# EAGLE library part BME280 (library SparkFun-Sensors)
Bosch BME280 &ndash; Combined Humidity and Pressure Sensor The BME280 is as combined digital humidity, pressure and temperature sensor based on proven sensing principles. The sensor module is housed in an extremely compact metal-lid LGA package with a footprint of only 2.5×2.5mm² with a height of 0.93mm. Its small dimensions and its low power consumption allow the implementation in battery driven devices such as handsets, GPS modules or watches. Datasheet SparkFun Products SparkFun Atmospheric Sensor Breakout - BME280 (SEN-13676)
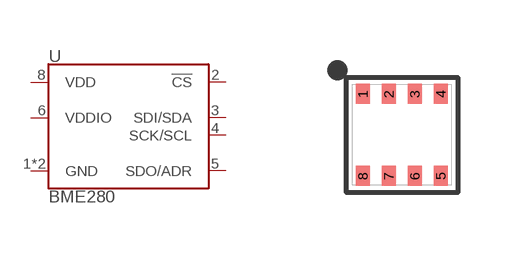
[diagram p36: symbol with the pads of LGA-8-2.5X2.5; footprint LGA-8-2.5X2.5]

Designator prefix U

## BME280 (PROD_ID: IC-13090; VALUE: BME280)  [LGA-8-2.5X2.5]
1  GND
2  !CS
3  SDI/SDA
4  SCK/SCL
5  SDO/ADR
6  VDDIO
7  GND
8  VDD

## Footprint LGA-8-2.5X2.5 (pad centres in mm)
LGA 8-Pin &ndash; 2.5mm x 2.5mm, 0.65mm Pitch Example Datasheet Specifications: Pin Count: 8 Dimensions: 2.5 x 2.5 mm Pitch: 0.65 mm Used by: BME280
smd 0.35 x 0.5: 1 -0.975,1.025; 2 -0.325,1.025; 3 0.325,1.025; 4 0.975,1.025; 5 0.975,-1.025; 6 0.325,-1.025; 7 -0.325,-1.025; 8 -0.975,-1.025

▸ TASK OBJECTIVE: Please return the records above exactly as written, dropping every picture.

▸ EXERCISE RESPONSE:
# EAGLE library part BME280 (library SparkFun-Sensors)
Bosch BME280 &ndash; Combined Humidity and Pressure Sensor The BME280 is as combined digital humidity, pressure and temperature sensor based on proven sensing principles. The sensor module is housed in an extremely compact metal-lid LGA package with a footprint of only 2.5×2.5mm² with a height of 0.93mm. Its small dimensions and its low power consumption allow the implementation in battery driven devices such as handsets, GPS modules or watches. Datasheet SparkFun Products SparkFun Atmospheric Sensor Breakout - BME280 (SEN-13676)
[diagram p36: symbol with the pads of LGA-8-2.5X2.5; footprint LGA-8-2.5X2.5]

Designator prefix U

## BME280 (PROD_ID: IC-13090; VALUE: BME280)  [LGA-8-2.5X2.5]
1  GND
2  !CS
3  SDI/SDA
4  SCK/SCL
5  SDO/ADR
6  VDDIO
7  GND
8  VDD

## Footprint LGA-8-2.5X2.5 (pad centres in mm)
LGA 8-Pin &ndash; 2.5mm x 2.5mm, 0.65mm Pitch Example Datasheet Specifications: Pin Count: 8 Dimensions: 2.5 x 2.5 mm Pitch: 0.65 mm Used by: BME280
smd 0.35 x 0.5: 1 -0.975,1.025; 2 -0.325,1.025; 3 0.325,1.025; 4 0.975,1.025; 5 0.975,-1.025; 6 0.325,-1.025; 7 -0.325,-1.025; 8 -0.975,-1.025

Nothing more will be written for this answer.